> [Task to complete]
Copy out every line from the records that includes "diode".

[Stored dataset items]
▬▬▬▬▬▬
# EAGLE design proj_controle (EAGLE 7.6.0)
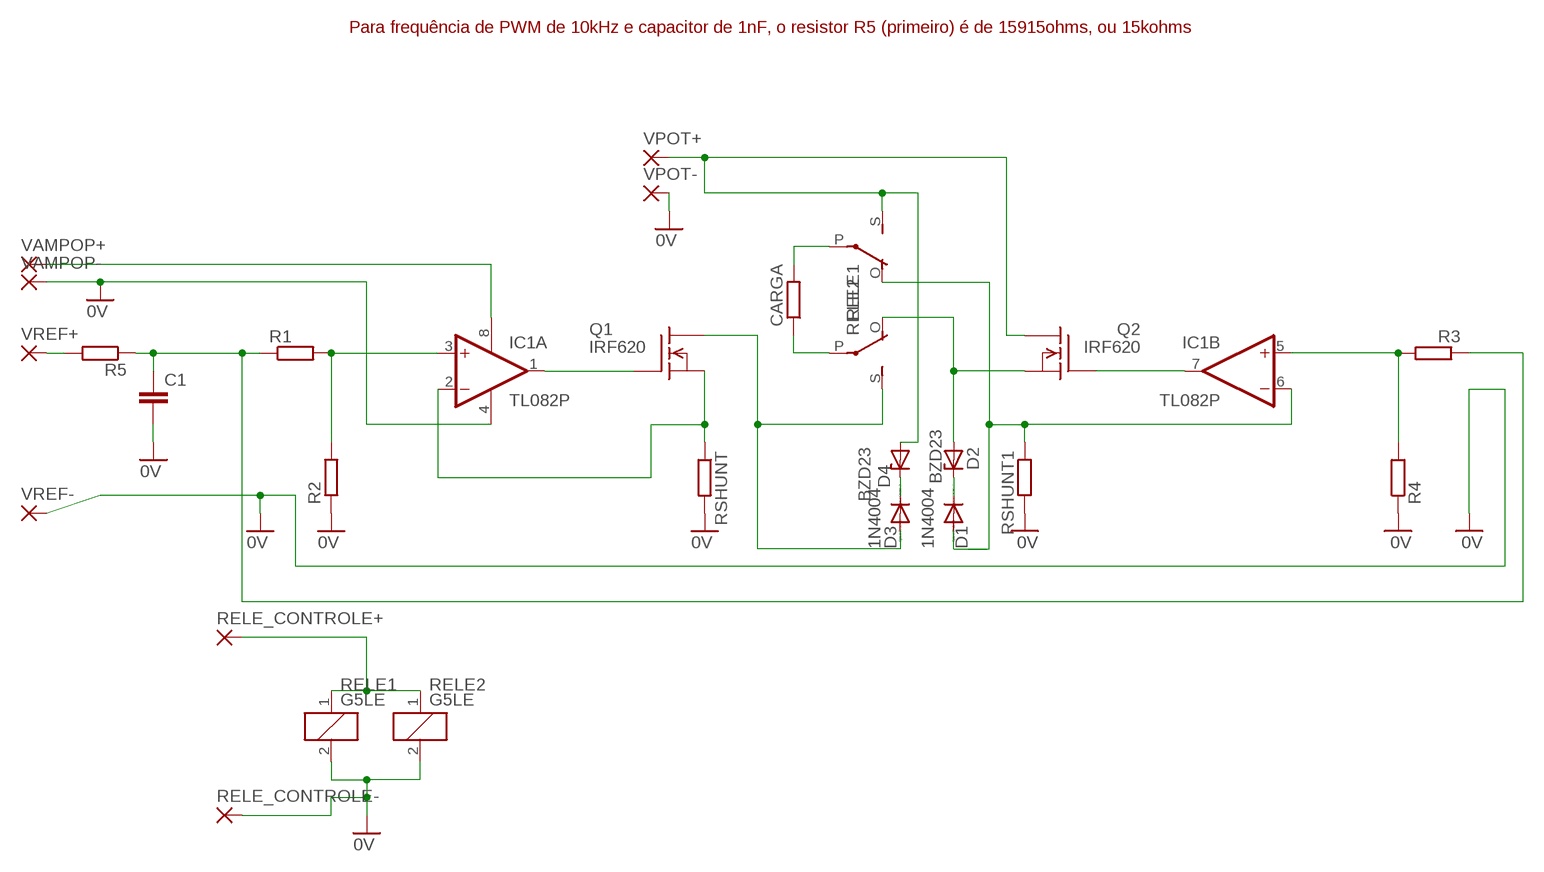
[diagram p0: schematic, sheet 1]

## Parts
C1  C-EU050-025X075  [C050-025X075]
CARGA  R-EU_0207/10  [0207/10]
D1  1N4004  [DO41-10]
D2  BZD23  [SOD81]
D3  1N4004  [DO41-10]
D4  BZD23  [SOD81]
IC1  TL082P  [DIL08]
Q1  IRF620  [TO220]
Q2  IRF620  [TO220]
R1  R-EU_0207/10  [0207/10]
R2  R-EU_0207/10  [0207/10]
R3  R-EU_0207/10  [0207/10]
R4  R-EU_0207/10  [0207/10]
R5  R-EU_0207/10  [0207/10]
RELE1  G5LE  [G5LE]
RELE2  G5LE  [G5LE]
RELE_CONTROLE+  3,17/1,1  [3,17/1,1]
RELE_CONTROLE-  3,17/1,1  [3,17/1,1]
RSHUNT  R-EU_0617/22  [0617/22]
RSHUNT1  R-EU_0617/22  [0617/22]
VAMPOP+  3,17/1,1  [3,17/1,1]
VAMPOP-  3,17/1,1  [3,17/1,1]
VPOT+  3,17/1,1  [3,17/1,1]
VPOT-  3,17/1,1  [3,17/1,1]
VREF+  3,17/1,1  [3,17/1,1]
VREF-  3,17/1,1  [3,17/1,1]

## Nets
0V: C1.2 IC1.4(P:V-) R2.1 R4.1 RELE1.2 RELE2.2 RELE_CONTROLE-.1(P) RSHUNT1.2 RSHUNT.2 VAMPOP-.1(P) VPOT-.1(P) VREF-.1(P)
N$1: CARGA.1 RELE2.P(2:P)
N$2: IC1.3(A:+IN) R1.2 R2.2
N$3: IC1.1(A:OUT) Q1.1(G)
N$5: C1.1 R1.1 R3.1 R5.1
N$6: R5.2 VREF+.1(P)
N$7: CARGA.2 RELE1.P(2:P)
N$8: D3.A Q1.2(D) RELE2.S(2:S)
N$9: IC1.5(B:+IN) R3.2 R4.2
N$10: IC1.7(B:OUT) Q2.1(G)
N$11: D1.A IC1.6(B:-IN) RELE1.O(2:O) RSHUNT1.1
N$12: D1.C D2.C
N$13: D4.A Q2.2(D) RELE1.S(2:S) VPOT+.1(P)
N$14: D2.A Q2.3(S) RELE2.O(2:O)
N$15: RELE1.1 RELE2.1 RELE_CONTROLE+.1(P)
N$16: D3.C D4.C
N$17: IC1.2(A:-IN) Q1.3(S) RSHUNT.1
N$18: IC1.8(P:V+) VAMPOP+.1(P)

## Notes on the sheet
- Para frequência de PWM de 10kHz e capacitor de 1nF, o resistor R5 (primeiro) é de 15915ohms, ou 15kohms

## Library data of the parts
C1 = rcl:C-EU: CAPACITOR, European symbol
CARGA R1-R5 = rcl:R-EU_: RESISTOR, European symbol
D1 D3 = diode:1N4004: DIODE
D2 D4 = diode:BZD23: Z DIODE
IC1 = linear:TL082: OP AMP Data sheet; DATA_SHEET: <a href="http://www.ti.com/lit/ds/symlink/tl084a.pdf"> Data sheet </a>
Q1 Q2 = transistor-fet:IRF620: N-Channel Enhancement MOSFET (HEXFET); 200V; 5,2A; 0,8Ohm
RELE1 RELE2 = relay:G5LE: RELAY 1 x switch, 10 A/120 V AC, 8 A/30 V DC, Omron; OC_FARNELL: unknown; OC_NEWARK: unknown
RELE_CONTROLE+ RELE_CONTROLE- VAMPOP+ VAMPOP- VPOT+ VPOT- VREF+ VREF- = wirepad:3,17/1,1: THROUGH-HOLE PAD
RSHUNT RSHUNT1 = resistor:R-EU_: RESISTOR, European symbol

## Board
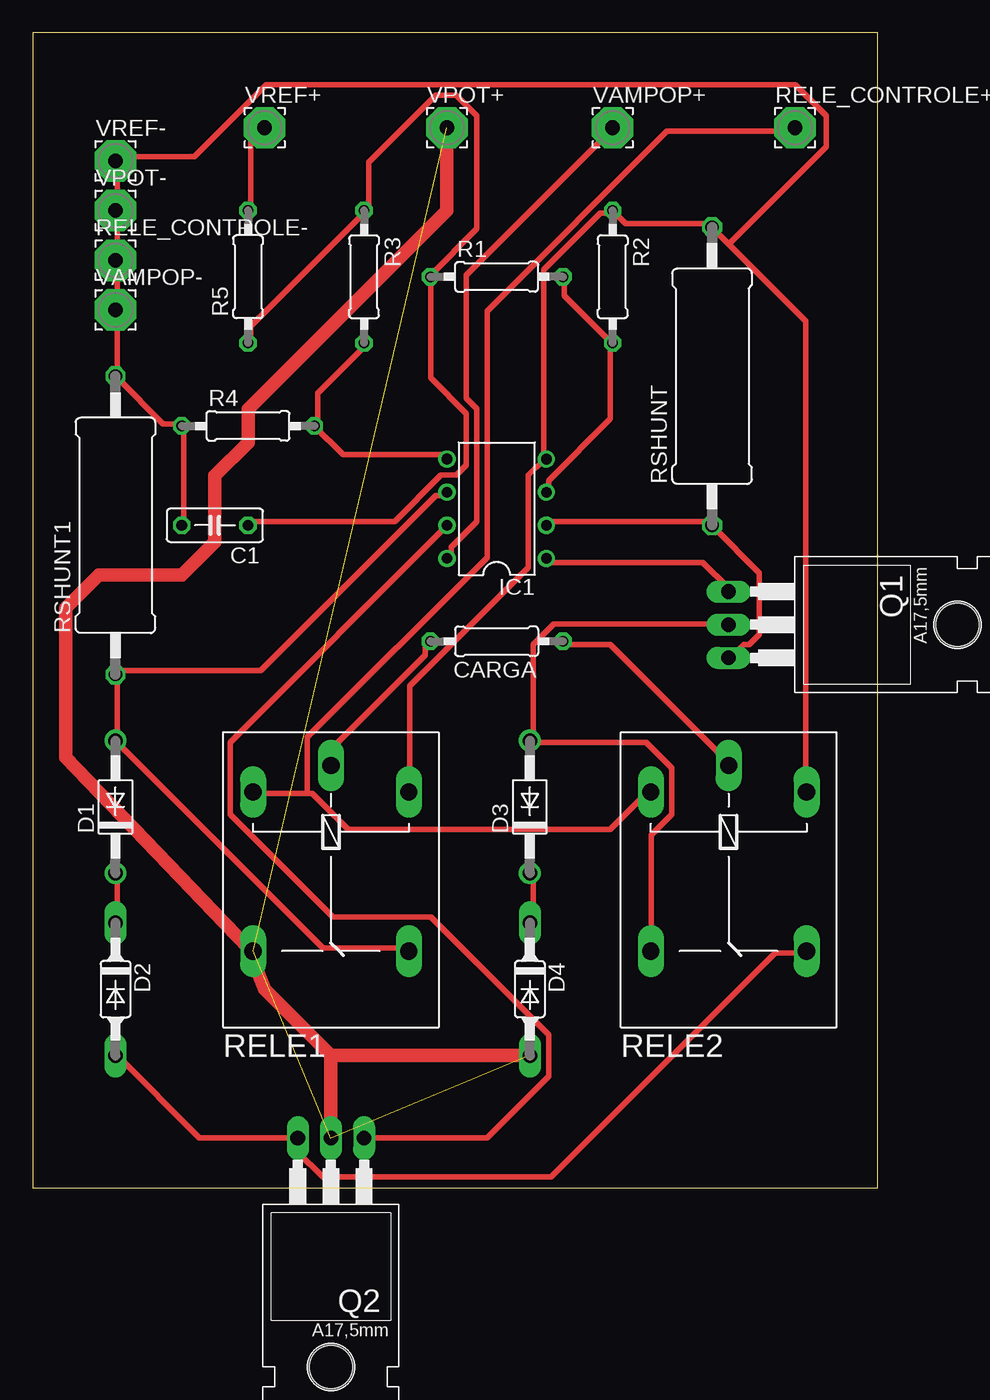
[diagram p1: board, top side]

Size 64.75 x 88.57 mm. Coordinates in mm from the lower left corner, seen from the top.
Outline: 0,0 64.75,0 64.75,88.57 0,88.57 0,0
Copper layers (1*16): Top 0.035mm / dielectric 1.5mm / Bottom 0.035mm
Design rules "default *": minimum track width 16mil, minimum drill 24mil, track to track 15mil, track to pad 15mil, pad to pad 15mil, via to via 15mil, smd to smd 8mil, copper to edge 40mil, drill to drill 8mil, minimum pad ring 10mil, minimum via ring 8mil, stop-mask expansion 4mil, vias tented up to drill 0mil, thermal gap 10mil

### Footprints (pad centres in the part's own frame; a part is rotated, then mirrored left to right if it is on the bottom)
C050-025X075 = drill 0.813 octagon: 1 -2.54,0; 2 2.54,0
0207/10 = drill 0.813 octagon: 1 -5.08,0; 2 5.08,0
DO41-10 = drill 1.118: A 5.08,0; C -5.08,0
SOD81 = drill 1.118 long: A 5.08,0; C -5.08,0
DIL08 = drill 0.813 pad 1.27: 1 -3.81,-3.81; 2 -1.27,-3.81; 3 1.27,-3.81; 4 3.81,-3.81; 5 3.81,3.81; 6 1.27,3.81; 7 -1.27,3.81; 8 -3.81,3.81
TO220 = drill 1.118 long: 1 -2.54,-6.35; 2 0,-6.35; 3 2.54,-6.35 | hole 3.302: 0,11.176
G5LE = drill 1.321 long: 1 -7.493,-5.969; 2 -7.493,5.969; O 4.699,5.969; P -9.525,0; S 4.699,-5.969
3,17/1,1 = drill 1.118 pad 3.175 octagon: 1 0,0
0617/22 = drill 1.016 octagon: 1 -11.43,0; 2 11.43,0

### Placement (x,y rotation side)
C1  13.97,50.8 180 top
CARGA  35.56,41.91 180 top
D1  6.35,29.21 90 top
D2  6.35,15.24 270 top
D3  38.1,29.21 90 top
D4  38.1,15.24 270 top
IC1  35.56,52.07 90 top
Q1  59.69,43.18 270 top
Q2  22.86,-2.54 180 top
R1  35.56,69.85 0 top
R2  44.45,69.85 270 top
R3  25.4,69.85 270 top
R4  16.51,58.42 0 top
R5  16.51,69.85 90 top
RELE1  22.86,22.86 270 top
RELE2  53.34,22.86 270 top
RELE_CONTROLE+  58.42,81.28 0 top
RELE_CONTROLE-  6.35,71.12 0 top
RSHUNT  52.07,62.23 90 top
RSHUNT1  6.35,50.8 90 top
VAMPOP+  44.45,81.28 0 top
VAMPOP-  6.35,67.31 0 top
VPOT+  31.75,81.28 0 top
VPOT-  6.35,74.93 0 top
VREF+  17.78,81.28 0 top
VREF-  6.35,78.74 0 top

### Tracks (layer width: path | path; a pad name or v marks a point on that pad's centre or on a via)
0V
  Top 0.406: C1.2 11.59,51.09 11.59,58.18 R4.1 11.2,58.57 10.02,58.57 6.48,62.12 RSHUNT1.2 6.48,62.51 6.48,67.23 VAMPOP-.1 6.48,67.63 6.48,70.78 RELE_CONTROLE-.1 6.48,71.17 6.48,74.71 VPOT-.1 6.48,75.11 6.48,78.65 VREF-.1 6.48,79.05 12.38,79.05 17.89,84.56 58.45,84.56 60.81,82.19 60.81,79.83 53.33,72.35 | RELE1.2 28.92,30.62 28.92,38.49 37.97,47.55 37.97,54.63 39.15,55.82 IC1.4 39.15,56.21 39.15,70.38 43.48,74.71 44.27,74.71 R2.1 45.45,73.93 51.75,73.93 RSHUNT.2 52.15,73.53 53.33,72.35 | 53.33,72.35 59.23,66.45 59.23,30.62 RELE2.2
N$1
  Top 0.406: CARGA.1 40.73,41.64 44.27,41.64 53.33,32.59 RELE2.P
N$2
  Top 0.406: IC1.3 39.55,53.45 39.55,54.24 44.27,58.97 44.27,64.48 R2.2 44.27,64.87 40.73,68.42 40.73,69.6 R1.2
N$3
  Top 0.406: IC1.1 39.55,47.94 51.36,47.94 53.33,45.97 Q1.1
N$5
  Top 0.406: R5.1 16.71,64.87 16.71,66.05 25.38,74.71 R3.1 25.77,75.11 25.77,78.65 30.89,83.77 32.46,83.77 34.04,82.19 34.04,73.53 30.49,69.99 R1.1 30.49,69.6 30.49,62.12 33.25,59.36 33.25,55.42 32.46,54.63 31.28,54.63 27.74,51.09 16.71,51.09 C1.1
N$6
  Top 0.406: R5.2 16.71,75.11 16.71,80.23 17.5,81.01 VREF+.1
N$7
  Top 0.406: CARGA.2 30.1,41.64 30.1,40.86 23.01,33.77 23.01,32.59 RELE1.P
N$8
  Top 0.406: Q1.2 53.33,43.22 39.94,43.22 38.37,41.64 38.37,34.56 D3.A 38.37,34.16 47.03,34.16 49,32.2 49,28.65 47.42,27.08 47.42,18.41 RELE2.S
N$9
  Top 0.406: R3.2 25.38,64.48 21.83,60.93 21.83,58.57 R4.2 23.8,56.21 31.67,56.21 IC1.5
N$10
  Top 0.406: IC1.7 31.67,50.7 15.14,34.16 15.14,28.65 23.01,20.78 30.49,20.78 39.55,11.72 39.55,8.57 34.82,3.85 25.77,3.85 Q2.1
N$11
  Top 0.406: IC1.6 31.67,53.06 30.89,53.06 17.5,39.67 6.48,39.67 RSHUNT1.1 6.48,39.28 6.48,34.56 D1.A 22.22,18.41 28.52,18.41 RELE1.O
N$12
  Top 0.406: D2.C 6.48,20.38 6.48,23.93 D1.C
N$13  (3 unrouted)
  Top 1.016: VPOT+.1 31.75,74.93 16.51,59.69 16.51,57.15 13.97,54.61 13.97,49.53 11.43,46.99 5.08,46.99 2.54,44.45 2.54,33.02 16.51,18.41 17.78,15.24 22.86,10.16 | 22.86,10.16 D4.A | Q2.2 22.86,10.16
N$14
  Top 0.406: D2.A 6.48,10.15 12.78,3.85 20.26,3.85 Q2.3 20.26,2.82 22.22,0.85 39.75,0.85 56.92,18.02 59.23,18.02 RELE2.O
N$15
  Top 0.406: 21.04,30.23 21.44,30.23 24.19,27.47 44.27,27.47 47.03,30.23 RELE2.1 | 21.04,30.23 17.11,30.23 RELE1.1 | 21.04,30.23 21.04,34.56 34.82,48.34 34.82,67.23 48.6,81.01 58.05,81.01 RELE_CONTROLE+.1
N$16
  Top 0.406: D4.C 38.37,20.38 38.37,23.93 D3.C
N$17
  Top 0.406: IC1.2 39.55,51.09 51.75,51.09 RSHUNT.1 52.15,50.7 55.69,47.15 55.69,42.43 54.9,41.64 54.51,41.64 53.72,40.86 Q1.3
N$18
  Top 0.406: IC1.8 32.07,48.34 32.07,49.12 34.04,51.09 34.04,59.75 33.25,60.54 33.25,69.99 44.27,81.01 VAMPOP+.1
▬▬▬▬▬▬
> [Written solution]
D1 D3 = diode:1N4004: DIODE
D2 D4 = diode:BZD23: Z DIODE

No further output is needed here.